X_train, X_test, y_train, y_test = train_test_split( X, y, test_size=0.2, random_state=4)

model = clf.fit(X_train, y_train)
res_predict = model.predict(X_test)
print("model score: %.3f" % clf.score(X_test, y_test))
print(classification_report(y_test, res_predict, target_names=["False", "True"]))

## Save the model to Watson Machine Learning

Check the list of models in the WML instance, and remove pre-existing versions of this model.
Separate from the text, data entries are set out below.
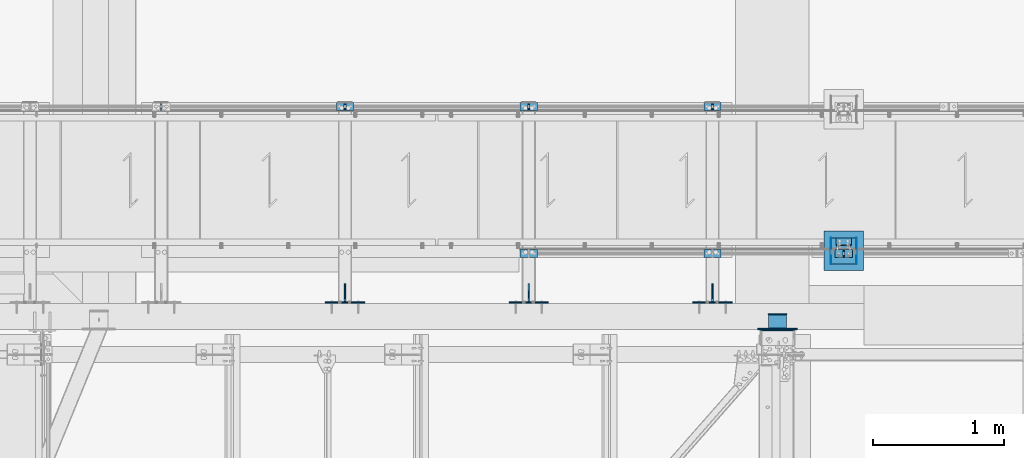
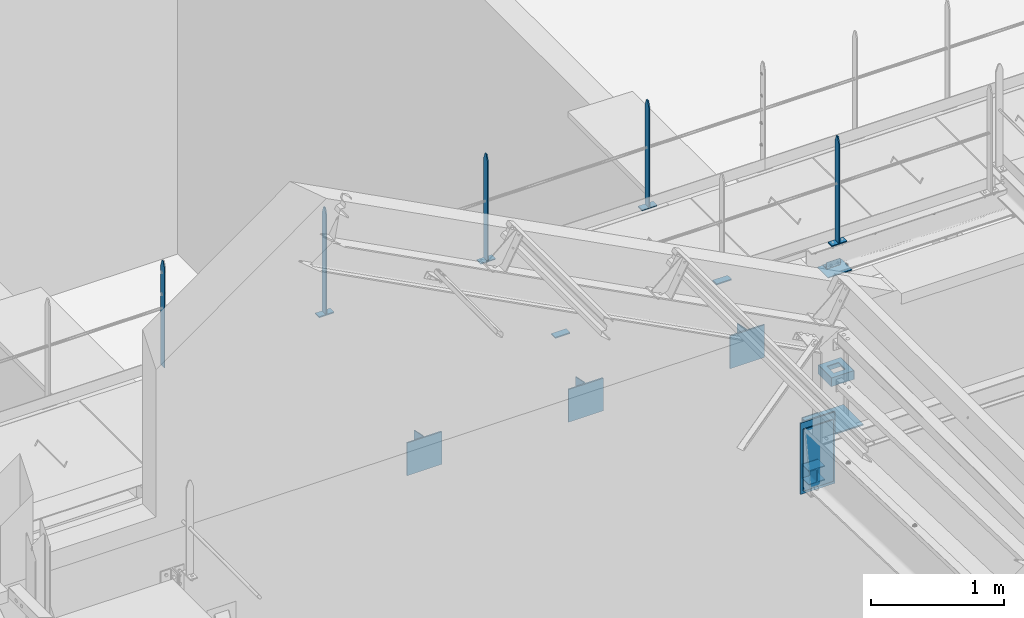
# One storey, part 97 of 362: 29 beams, 11 elements without a shape of their own.
"""IFC2X3 building model written with IfcOpenShell, lengths in millimetres."""

from ifc_helpers import new_model, si_unit, frame, origin_with_axes, origin_2d_with_axis, place, context, subcontext, project, spatial, polyline, rectangle, i_section, l_section, u_section, outline, extrude, boolean, clip, halfspace, material, type_object, element, aggregate, save


model = new_model("IFC2X3")

# Units and contexts
model_context = context("Model", 3, precision=1e-05, world=origin_with_axes())
body_context = subcontext(model_context, "Body", "Model", "MODEL_VIEW")
ifc_project = project(units=[si_unit("LENGTHUNIT", "METRE", prefix="MILLI"), si_unit("AREAUNIT", "SQUARE_METRE"), si_unit("VOLUMEUNIT", "CUBIC_METRE"), si_unit("MASSUNIT", "GRAM", prefix="KILO"), si_unit("TIMEUNIT", "SECOND"), si_unit("PLANEANGLEUNIT", "RADIAN"), si_unit("SOLIDANGLEUNIT", "STERADIAN"), si_unit("THERMODYNAMICTEMPERATUREUNIT", "DEGREE_CELSIUS"), si_unit("LUMINOUSINTENSITYUNIT", "LUMEN")], contexts=[model_context])

# Site, building, storey
site_placement = place(None, origin_with_axes())
site = spatial("IfcSite", under=ifc_project, at=site_placement, Name="Undefined", CompositionType="ELEMENT")
building_placement = place(site_placement, origin_with_axes())
building = spatial("IfcBuilding", under=site, at=building_placement, Name="Undefined", CompositionType="ELEMENT")
storey_placement = place(building_placement, origin_with_axes())
storey = spatial("IfcBuildingStorey", under=building, at=storey_placement, Name="Undefined", CompositionType="ELEMENT", Elevation=0.0)

# Assembly, beams
assembly_1_placement = place(storey_placement, origin_with_axes())
assembly_1 = element("IfcElementAssembly", 1, at=assembly_1_placement, inside=storey, Name="MAIN COURANTE", AssemblyPlace="NOTDEFINED", PredefinedType="NOTDEFINED")
ifc_material_1 = material(Name="Undefined/S235-E24")
beam_type_1 = type_object("IfcBeamType", Name="PL10*60", PredefinedType="NOTDEFINED")
beam_1_placement = place(assembly_1_placement, frame((20119.9961849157, 15970.0000882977, 8705.00000001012), z_axis=(0.0, -1.0, 0.0), x_axis=(-1.0, 0.0, 0.0)))
beam_1 = element("IfcBeam", 2, at=beam_1_placement, type_object=beam_type_1, material=ifc_material_1, Name="PLATINE", ObjectType="PL10*60", context=body_context, shape_type="SweptSolid", body=[
    extrude(rectangle(XDim=10.0, YDim=60.0, at=origin_2d_with_axis()), frame((130.0, 0.0, 0.0), z_axis=(-1.0, 0.0, 0.0), x_axis=(0.0, -1.0, 0.0)), (0.0, 0.0, 1.0), 130.0),
])
beam_2_placement = place(assembly_1_placement, frame((20054.9961849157, 15970.0000882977, 9677.59999847), z_axis=(0.0, 1.0, 0.0), x_axis=(0.0, 0.0, -1.0)))
beam_2 = element("IfcBeam", 3, at=beam_2_placement, type_object=beam_type_1, material=ifc_material_1, Name="MONTANT", ObjectType="PL10*60", context=body_context, shape_type="Clipping", body=[
    clip(clip(extrude(rectangle(XDim=10.0, YDim=60.0, at=origin_2d_with_axis()), frame((967.59999845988, 0.0, 0.0), z_axis=(-1.0, 0.0, 0.0), x_axis=(0.0, -1.0, 0.0)), (0.0, 0.0, 1.0), 967.6), halfspace(frame((-120.0, -5.0, -30.0), z_axis=(-0.316227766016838, 0.0, 0.948683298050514), x_axis=(0.0, 1.0, 0.0)), False)), halfspace(frame((60.0, -5.0, -30.0), z_axis=(-0.316227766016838, 0.0, -0.948683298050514), x_axis=(0.0, 1.0, 0.0)), False)),
])
beam_3_placement = place(assembly_1_placement, frame((19119.9961849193, 15970.0000882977, 8705.00000001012), z_axis=(0.0, -1.0, 0.0), x_axis=(-1.0, 0.0, 0.0)))
beam_3 = element("IfcBeam", 4, at=beam_3_placement, type_object=beam_type_1, material=ifc_material_1, Name="PLATINE", ObjectType="PL10*60", context=body_context, shape_type="SweptSolid", body=[
    extrude(rectangle(XDim=10.0, YDim=60.0, at=origin_2d_with_axis()), frame((130.0, 0.0, 0.0), z_axis=(-1.0, 0.0, 0.0), x_axis=(0.0, -1.0, 0.0)), (0.0, 0.0, 1.0), 130.0),
])
aggregate(assembly_1, [beam_1, beam_2, beam_3])

# Assembly, beam
assembly_2_placement = place(storey_placement, origin_with_axes())
assembly_2 = element("IfcElementAssembly", 5, at=assembly_2_placement, inside=storey, AssemblyPlace="NOTDEFINED", PredefinedType="NOTDEFINED")
beam_4_placement = place(assembly_2_placement, frame((17719.9961849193, 15970.0000882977, 8705.00000001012), z_axis=(0.0, -1.0, 0.0), x_axis=(-1.0, 0.0, 0.0)))
beam_4 = element("IfcBeam", 6, at=beam_4_placement, type_object=beam_type_1, material=ifc_material_1, Name="PLATINE", ObjectType="PL10*60", context=body_context, shape_type="SweptSolid", body=[
    extrude(rectangle(XDim=10.0, YDim=60.0, at=origin_2d_with_axis()), frame((130.0, 0.0, 0.0), z_axis=(-1.0, 0.0, 0.0), x_axis=(0.0, -1.0, 0.0)), (0.0, 0.0, 1.0), 130.0),
])
aggregate(assembly_2, [beam_4])

# Assembly, beams
assembly_3_placement = place(storey_placement, origin_with_axes())
assembly_3 = element("IfcElementAssembly", 7, at=assembly_3_placement, inside=storey, Name="MAIN COURANTE", AssemblyPlace="NOTDEFINED", PredefinedType="NOTDEFINED")
beam_5_placement = place(assembly_3_placement, frame((19119.9961849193, 17089.9938659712, 8705.00000001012), z_axis=(0.0, 1.0, 0.0), x_axis=(-1.0, 0.0, 0.0)))
beam_5 = element("IfcBeam", 8, at=beam_5_placement, type_object=beam_type_1, material=ifc_material_1, Name="PLATINE", ObjectType="PL10*60", context=body_context, shape_type="SweptSolid", body=[
    extrude(rectangle(XDim=10.0, YDim=60.0, at=origin_2d_with_axis()), frame((130.0, 0.0, 0.0), z_axis=(-1.0, 0.0, 0.0), x_axis=(0.0, -1.0, 0.0)), (0.0, 0.0, 1.0), 130.0),
])
beam_6_placement = place(assembly_3_placement, frame((17719.9961849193, 17089.9938659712, 8705.00000001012), z_axis=(0.0, 1.0, 0.0), x_axis=(-1.0, 0.0, 0.0)))
beam_6 = element("IfcBeam", 9, at=beam_6_placement, type_object=beam_type_1, material=ifc_material_1, Name="PLATINE", ObjectType="PL10*60", context=body_context, shape_type="SweptSolid", body=[
    extrude(rectangle(XDim=10.0, YDim=60.0, at=origin_2d_with_axis()), frame((130.0, 0.0, 0.0), z_axis=(-1.0, 0.0, 0.0), x_axis=(0.0, -1.0, 0.0)), (0.0, 0.0, 1.0), 130.0),
])
beam_7_placement = place(assembly_3_placement, frame((16319.9961849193, 17089.9938659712, 8705.00000001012), z_axis=(0.0, 1.0, 0.0), x_axis=(-1.0, 0.0, 0.0)))
beam_7 = element("IfcBeam", 10, at=beam_7_placement, type_object=beam_type_1, material=ifc_material_1, Name="PLATINE", ObjectType="PL10*60", context=body_context, shape_type="SweptSolid", body=[
    extrude(rectangle(XDim=10.0, YDim=60.0, at=origin_2d_with_axis()), frame((130.0, 0.0, 0.0), z_axis=(-1.0, 0.0, 0.0), x_axis=(0.0, -1.0, 0.0)), (0.0, 0.0, 1.0), 130.0),
])
beam_8_placement = place(assembly_3_placement, frame((16254.9961849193, 17089.9938659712, 9677.59999847), z_axis=(0.0, -1.0, 0.0), x_axis=(0.0, 0.0, -1.0)))
beam_8 = element("IfcBeam", 11, at=beam_8_placement, type_object=beam_type_1, material=ifc_material_1, Name="MONTANT", ObjectType="PL10*60", context=body_context, shape_type="Clipping", body=[
    clip(clip(extrude(rectangle(XDim=10.0, YDim=60.0, at=origin_2d_with_axis()), frame((967.59999845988, 0.0, 0.0), z_axis=(-1.0, 0.0, 0.0), x_axis=(0.0, -1.0, 0.0)), (0.0, 0.0, 1.0), 967.6), halfspace(frame((-120.0, 5.0, -30.0), z_axis=(-0.316227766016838, 0.0, 0.948683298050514), x_axis=(0.948683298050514, 0.0, 0.316227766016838)), False)), halfspace(frame((60.0, 5.0, -30.0), z_axis=(-0.316227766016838, 0.0, -0.948683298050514), x_axis=(-0.948683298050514, 0.0, 0.316227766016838)), False)),
])
beam_9_placement = place(assembly_3_placement, frame((17654.9961849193, 17089.9938659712, 9677.59999847), z_axis=(0.0, -1.0, 0.0), x_axis=(0.0, 0.0, -1.0)))
beam_9 = element("IfcBeam", 12, at=beam_9_placement, type_object=beam_type_1, material=ifc_material_1, Name="MONTANT", ObjectType="PL10*60", context=body_context, shape_type="Clipping", body=[
    clip(clip(extrude(rectangle(XDim=10.0, YDim=60.0, at=origin_2d_with_axis()), frame((967.59999845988, 0.0, 0.0), z_axis=(-1.0, 0.0, 0.0), x_axis=(0.0, -1.0, 0.0)), (0.0, 0.0, 1.0), 967.6), halfspace(frame((-120.0, 5.0, -30.0), z_axis=(-0.316227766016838, 0.0, 0.948683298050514), x_axis=(0.948683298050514, 0.0, 0.316227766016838)), False)), halfspace(frame((60.0, 5.0, -30.0), z_axis=(-0.316227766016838, 0.0, -0.948683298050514), x_axis=(-0.948683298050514, 0.0, 0.316227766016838)), False)),
])
beam_10_placement = place(assembly_3_placement, frame((19054.9961849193, 17089.9938659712, 9677.59999847), z_axis=(0.0, -1.0, 0.0), x_axis=(0.0, 0.0, -1.0)))
beam_10 = element("IfcBeam", 13, at=beam_10_placement, type_object=beam_type_1, material=ifc_material_1, Name="MONTANT", ObjectType="PL10*60", context=body_context, shape_type="Clipping", body=[
    clip(clip(extrude(rectangle(XDim=10.0, YDim=60.0, at=origin_2d_with_axis()), frame((967.59999845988, 0.0, 0.0), z_axis=(-1.0, 0.0, 0.0), x_axis=(0.0, -1.0, 0.0)), (0.0, 0.0, 1.0), 967.6), halfspace(frame((-120.0, 5.0, -30.0), z_axis=(-0.316227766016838, 0.0, 0.948683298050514), x_axis=(0.948683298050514, 0.0, 0.316227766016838)), False)), halfspace(frame((60.0, 5.0, -30.0), z_axis=(-0.316227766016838, 0.0, -0.948683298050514), x_axis=(-0.948683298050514, 0.0, 0.316227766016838)), False)),
])
aggregate(assembly_3, [beam_5, beam_6, beam_7, beam_8, beam_9, beam_10])

# Assembly, beam
assembly_4_placement = place(storey_placement, origin_with_axes())
assembly_4 = element("IfcElementAssembly", 14, at=assembly_4_placement, inside=storey, Name="CONSOLE", AssemblyPlace="NOTDEFINED", PredefinedType="NOTDEFINED")
beam_type_2 = type_object("IfcBeamType", Name="TOLE8*138", PredefinedType="NOTDEFINED")
beam_11_placement = place(assembly_4_placement, frame((19055.0007605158, 15622.0, 8175.0), z_axis=(-1.0, 0.0, 0.0), x_axis=(0.0, -1.0, 0.0)))
beam_11 = element("IfcBeam", 15, at=beam_11_placement, type_object=beam_type_2, material=ifc_material_1, Name="RAIDISSEUR CONSOLE", ObjectType="TOLE8*138", context=body_context, shape_type="SweptSolid", body=[
    extrude(outline(polyline([(0.0, 0.0), (19.9999999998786, -3.63797880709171e-12), (20.0, 300.0), (0.0, 300.0), (-118.0, 275.0), (-118.0, 155.0), (0.0, 0.0)])), frame((0.0, 0.0, -4.0), z_axis=(0.0, 0.0, 1.0), x_axis=(1.0, 0.0, 0.0)), (0.0, 0.0, 1.0), 8.0),
])

assembly_5_placement = place(storey_placement, origin_with_axes())
assembly_5 = element("IfcElementAssembly", 16, at=assembly_5_placement, inside=storey, Name="CONSOLE", AssemblyPlace="NOTDEFINED", PredefinedType="NOTDEFINED")
beam_12_placement = place(assembly_5_placement, frame((17655.0007605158, 15622.0, 8175.0), z_axis=(-1.0, 0.0, 0.0), x_axis=(0.0, -1.0, 0.0)))
beam_12 = element("IfcBeam", 17, at=beam_12_placement, type_object=beam_type_2, material=ifc_material_1, Name="RAIDISSEUR CONSOLE", ObjectType="TOLE8*138", context=body_context, shape_type="SweptSolid", body=[
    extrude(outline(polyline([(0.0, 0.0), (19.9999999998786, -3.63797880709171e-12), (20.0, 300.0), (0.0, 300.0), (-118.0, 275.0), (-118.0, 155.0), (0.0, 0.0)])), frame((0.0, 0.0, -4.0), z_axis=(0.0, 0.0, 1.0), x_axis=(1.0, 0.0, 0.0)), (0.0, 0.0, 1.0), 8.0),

This allows the notebook to be re-run to reset all data if necessary.

In [None]:
model_deployment_ids = client.deployments.get_uids()
for deployment_id in model_deployment_ids:
    deployment = client.deployments.get_details(deployment_id)
    model_id = deployment['entity']['deployable_asset']['guid']
    if deployment['entity']['name'] == DEPLOYMENT_NAME:
        print('Deleting deployment id', deployment_id)
        client.deployments.delete(deployment_id)
        print('Deleting model id', model_id)
        client.repository.delete(model_id)
client.repository.list_models()

Create the metadata and save the model.

In [None]:
metadata = {
    client.repository.ModelMetaNames.NAME: MODEL_NAME,
    client.repository.ModelMetaNames.EVALUATION_METHOD: "binary",
    client.repository.ModelMetaNames.EVALUATION_METRICS: [
        {
            "name": "areaUnderROC",
            "value": 0.7,
            "threshold": 0.7
        }
    ]
}

# Name the columns
cols=["Income","AppliedOnline","Residence","Yrs_at_Current_Address","Yrs_with_Current_Employer",\
      "Number_of_Cards","Creditcard_Debt","Loans","Loan_Amount","SalePrice","Location"]
      
saved_model = client.repository.store_model(model=model, meta_props=metadata, 
                                            training_data=X_train, training_target=y_train, 
                                            feature_names=cols, label_column_names=["MortgageDefault"] )
saved_model

Get the unique ID for the model so we can deploy it.

In [None]:
model_uid = saved_model['metadata']['guid']
model_uid

Deploy the model as a web service with Watson Machine Learning.

In [None]:
print("Deploying model...")

deployment = client.deployments.create(artifact_uid=model_uid, name=DEPLOYMENT_NAME, asynchronous=False)

In [None]:
deployment_uid = client.deployments.get_uid(deployment)

print("Model id: {}".format(model_uid))
print("Deployment id: {}".format(deployment_uid))

## Congratulations!

If all cells have run successfully, you have successfully deployed the mortgage default model as a web service in Watson Machine Learning. You can proceed with the rest of the lab.